The Obama administration is intensifying its scrutiny of Lebanon's financial system, concerned that Syria, Iran and the militant group Hezbollah are using Beirut's banks to evade international sanctions and fund their activities.Let's hope it is not too little, too late.
Despite action by Beirut and Washington over the past 14 months to close banks and sanction individuals, the Treasury Department and Drug Enforcement Administration are continuing an aggressive probe into an alleged Hezbollah-linked money-laundering operation, U.S. officials said. They allege the operation involves hundreds of millions of dollars in drug-sales revenues from a Lebanese narco-trafficker that they say have gone to the Lebanese militia and political group.

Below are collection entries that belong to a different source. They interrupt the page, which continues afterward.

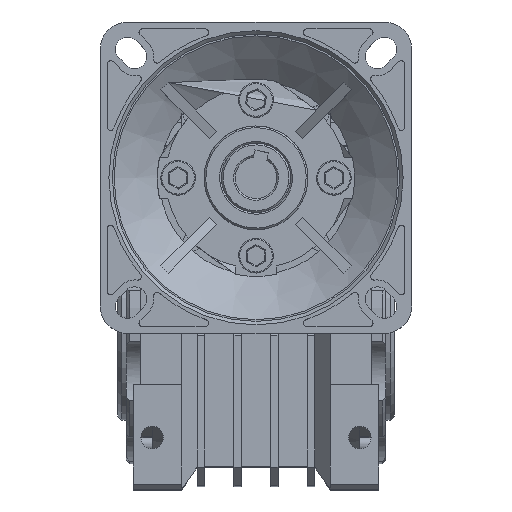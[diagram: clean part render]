
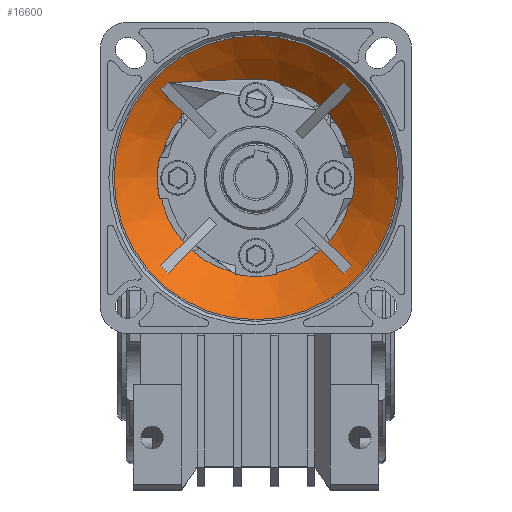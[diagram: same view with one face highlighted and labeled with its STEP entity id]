
A CAD part, top view. The second image highlights one B-rep face of the part: STEP entity #16600.
In plain terms, the highlighted conical face has half-angle 49.574 degrees and reference radius 34.75 mm.
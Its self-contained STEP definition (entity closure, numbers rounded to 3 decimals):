
#210=CONICAL_SURFACE('',#17777,34.75,0.865);
#1093=FACE_OUTER_BOUND('',#2024,.T.);
#2024=EDGE_LOOP('',(#11463,#11464,#11465,#11466,#11467,#11468,#11469,#11470,
#11471,#11472,#11473,#11474,#11475,#11476,#11477,#11478));
#3115=LINE('',#25019,#4594);
#4594=VECTOR('',#20210,34.75);
#5834=CIRCLE('',#17497,28.);
#5837=CIRCLE('',#17501,28.);
#5838=CIRCLE('',#17502,28.);
#5842=CIRCLE('',#17507,28.);
#5846=CIRCLE('',#17512,28.);
#5851=CIRCLE('',#17518,28.);
#5858=CIRCLE('',#17526,28.);
#5990=CIRCLE('',#17778,41.5);
#5991=CIRCLE('',#17779,28.);
#5992=CIRCLE('',#17780,28.);
#5993=CIRCLE('',#17781,28.);
#5994=CIRCLE('',#17782,28.);
#5995=CIRCLE('',#17783,28.);
#5996=CIRCLE('',#17784,28.);
#6620=VERTEX_POINT('',#24260);
#6624=VERTEX_POINT('',#24267);
#6628=VERTEX_POINT('',#24276);
#6629=VERTEX_POINT('',#24278);
#6630=VERTEX_POINT('',#24280);
#6635=VERTEX_POINT('',#24291);
#6636=VERTEX_POINT('',#24293);
#6640=VERTEX_POINT('',#24303);
#6642=VERTEX_POINT('',#24306);
#6647=VERTEX_POINT('',#24317);
#6648=VERTEX_POINT('',#24319);
#6651=VERTEX_POINT('',#24327);
#6658=VERTEX_POINT('',#24340);
#6866=VERTEX_POINT('',#25017);
#8248=EDGE_CURVE('',#6624,#6620,#5834,.T.);
#8252=EDGE_CURVE('',#6628,#6629,#5837,.T.);
#8253=EDGE_CURVE('',#6629,#6630,#5838,.T.);
#8259=EDGE_CURVE('',#6635,#6636,#5842,.T.);
#8265=EDGE_CURVE('',#6640,#6642,#5846,.T.);
#8271=EDGE_CURVE('',#6647,#6648,#5851,.T.);
#8282=EDGE_CURVE('',#6658,#6651,#5858,.T.);
#8602=EDGE_CURVE('',#6866,#6866,#5990,.T.);
#8603=EDGE_CURVE('',#6866,#6629,#3115,.T.);
#8604=EDGE_CURVE('',#6636,#6628,#5991,.T.);
#8605=EDGE_CURVE('',#6642,#6635,#5992,.T.);
#8606=EDGE_CURVE('',#6648,#6640,#5993,.T.);
#8607=EDGE_CURVE('',#6651,#6647,#5994,.T.);
#8608=EDGE_CURVE('',#6620,#6658,#5995,.T.);
#8609=EDGE_CURVE('',#6630,#6624,#5996,.T.);
#11463=ORIENTED_EDGE('',*,*,#8602,.F.);
#11464=ORIENTED_EDGE('',*,*,#8603,.T.);
#11465=ORIENTED_EDGE('',*,*,#8252,.F.);
#11466=ORIENTED_EDGE('',*,*,#8604,.F.);
#11467=ORIENTED_EDGE('',*,*,#8259,.F.);
#11468=ORIENTED_EDGE('',*,*,#8605,.F.);
#11469=ORIENTED_EDGE('',*,*,#8265,.F.);
#11470=ORIENTED_EDGE('',*,*,#8606,.F.);
#11471=ORIENTED_EDGE('',*,*,#8271,.F.);
#11472=ORIENTED_EDGE('',*,*,#8607,.F.);
#11473=ORIENTED_EDGE('',*,*,#8282,.F.);
#11474=ORIENTED_EDGE('',*,*,#8608,.F.);
#11475=ORIENTED_EDGE('',*,*,#8248,.F.);
#11476=ORIENTED_EDGE('',*,*,#8609,.F.);
#11477=ORIENTED_EDGE('',*,*,#8253,.F.);
#11478=ORIENTED_EDGE('',*,*,#8603,.F.);
#16600=ADVANCED_FACE('',(#1093),#210,.T.);
#17497=AXIS2_PLACEMENT_3D('',#24269,#19468,#19469);
#17501=AXIS2_PLACEMENT_3D('',#24279,#19477,#19478);
#17502=AXIS2_PLACEMENT_3D('',#24281,#19479,#19480);
#17507=AXIS2_PLACEMENT_3D('',#24294,#19491,#19492);
#17512=AXIS2_PLACEMENT_3D('',#24307,#19503,#19504);
#17518=AXIS2_PLACEMENT_3D('',#24320,#19516,#19517);
#17526=AXIS2_PLACEMENT_3D('',#24342,#19536,#19537);
#17777=AXIS2_PLACEMENT_3D('',#25016,#20206,#20207);
#17778=AXIS2_PLACEMENT_3D('',#25018,#20208,#20209);
#17779=AXIS2_PLACEMENT_3D('',#25020,#20211,#20212);
#17780=AXIS2_PLACEMENT_3D('',#25021,#20213,#20214);
#17781=AXIS2_PLACEMENT_3D('',#25022,#20215,#20216);
#17782=AXIS2_PLACEMENT_3D('',#25023,#20217,#20218);
#17783=AXIS2_PLACEMENT_3D('',#25024,#20219,#20220);
#17784=AXIS2_PLACEMENT_3D('',#25025,#20221,#20222);
#19468=DIRECTION('center_axis',(0.,0.,
-1.));
#19469=DIRECTION('ref_axis',(1.,0.,0.));
#19477=DIRECTION('center_axis',(0.,0.,
-1.));
#19478=DIRECTION('ref_axis',(1.,0.,0.));
#19479=DIRECTION('center_axis',(0.,0.,
-1.));
#19480=DIRECTION('ref_axis',(1.,0.,0.));
#19491=DIRECTION('center_axis',(0.,0.,
-1.));
#19492=DIRECTION('ref_axis',(1.,0.,0.));
#19503=DIRECTION('center_axis',(0.,0.,
-1.));
#19504=DIRECTION('ref_axis',(1.,0.,0.));
#19516=DIRECTION('center_axis',(0.,0.,
-1.));
#19517=DIRECTION('ref_axis',(1.,0.,0.));
#19536=DIRECTION('center_axis',(0.,0.,
-1.));
#19537=DIRECTION('ref_axis',(1.,0.,0.));
#20206=DIRECTION('center_axis',(0.,0.,
1.));
#20207=DIRECTION('ref_axis',(1.,0.,0.));
#20208=DIRECTION('center_axis',(0.,0.,
1.));
#20209=DIRECTION('ref_axis',(1.,0.,0.));
#20210=DIRECTION('',(0.761,0.,-0.648));
#20211=DIRECTION('center_axis',(0.,0.,-1.));
#20212=DIRECTION('ref_axis',(1.,0.,0.));
#20213=DIRECTION('center_axis',(0.,0.,-1.));
#20214=DIRECTION('ref_axis',(1.,0.,0.));
#20215=DIRECTION('center_axis',(0.,0.,-1.));
#20216=DIRECTION('ref_axis',(1.,0.,0.));
#20217=DIRECTION('center_axis',(0.,0.,-1.));
#20218=DIRECTION('ref_axis',(1.,0.,0.));
#20219=DIRECTION('center_axis',(0.,0.,-1.));
#20220=DIRECTION('ref_axis',(1.,0.,0.));
#20221=DIRECTION('center_axis',(0.,0.,-1.));
#20222=DIRECTION('ref_axis',(1.,0.,0.));
#24260=CARTESIAN_POINT('',(-20.8,58.745,50.5));
#24267=CARTESIAN_POINT('',(-21.5,57.937,50.5));
#24269=CARTESIAN_POINT('Origin',(0.,40.,
50.5));
#24276=CARTESIAN_POINT('',(-20.8,21.255,50.5));
#24278=CARTESIAN_POINT('',(-28.,40.,50.5));
#24279=CARTESIAN_POINT('Origin',(0.,40.,
50.5));
#24280=CARTESIAN_POINT('',(-27.977,41.125,50.5));
#24281=CARTESIAN_POINT('Origin',(0.,40.,
50.5));
#24291=CARTESIAN_POINT('',(18.745,19.2,50.5));
#24293=CARTESIAN_POINT('',(-18.745,19.2,50.5));
#24294=CARTESIAN_POINT('Origin',(0.,40.,
50.5));
#24303=CARTESIAN_POINT('',(27.977,41.125,50.5));
#24306=CARTESIAN_POINT('',(20.8,21.255,50.5));
#24307=CARTESIAN_POINT('Origin',(0.,40.,
50.5));
#24317=CARTESIAN_POINT('',(20.8,58.745,50.5));
#24319=CARTESIAN_POINT('',(21.5,57.937,50.5));
#24320=CARTESIAN_POINT('Origin',(0.,40.,
50.5));
#24327=CARTESIAN_POINT('',(18.745,60.8,50.5));
#24340=CARTESIAN_POINT('',(-18.745,60.8,50.5));
#24342=CARTESIAN_POINT('Origin',(0.,40.,
50.5));
#25016=CARTESIAN_POINT('Origin',(0.,40.,
56.25));
#25017=CARTESIAN_POINT('',(-41.5,40.,62.));
#25018=CARTESIAN_POINT('Origin',(0.,40.,
62.));
#25019=CARTESIAN_POINT('',(-34.75,40.,56.25));
#25020=CARTESIAN_POINT('Origin',(0.,40.,
50.5));
#25021=CARTESIAN_POINT('Origin',(0.,40.,
50.5));
#25022=CARTESIAN_POINT('Origin',(0.,40.,
50.5));
#25023=CARTESIAN_POINT('Origin',(0.,40.,
50.5));
#25024=CARTESIAN_POINT('Origin',(0.,40.,
50.5));
#25025=CARTESIAN_POINT('Origin',(0.,40.,
50.5));

The Treasury Department also is pressing Lebanese financial regulators to more closely monitor local banks that have operations in Damascus and Tehran, senior U.S. officials said.
U.S. officials believe Syrian President Bashar al-Assad is trying to use these financial links as other channels for moving money are blocked by international sanction campaigns against his government, triggered by his yearlong crackdown on political opponents.
"We're concerned about Lebanon being used as a channel by Syrians attempting to evade sanctions," said a senior Treasury official involved in Middle East policy.
A stream of Treasury officials, including U.S. sanctions czar David Cohen, have visited Beirut in recent months to meet Lebanese officials and private bankers.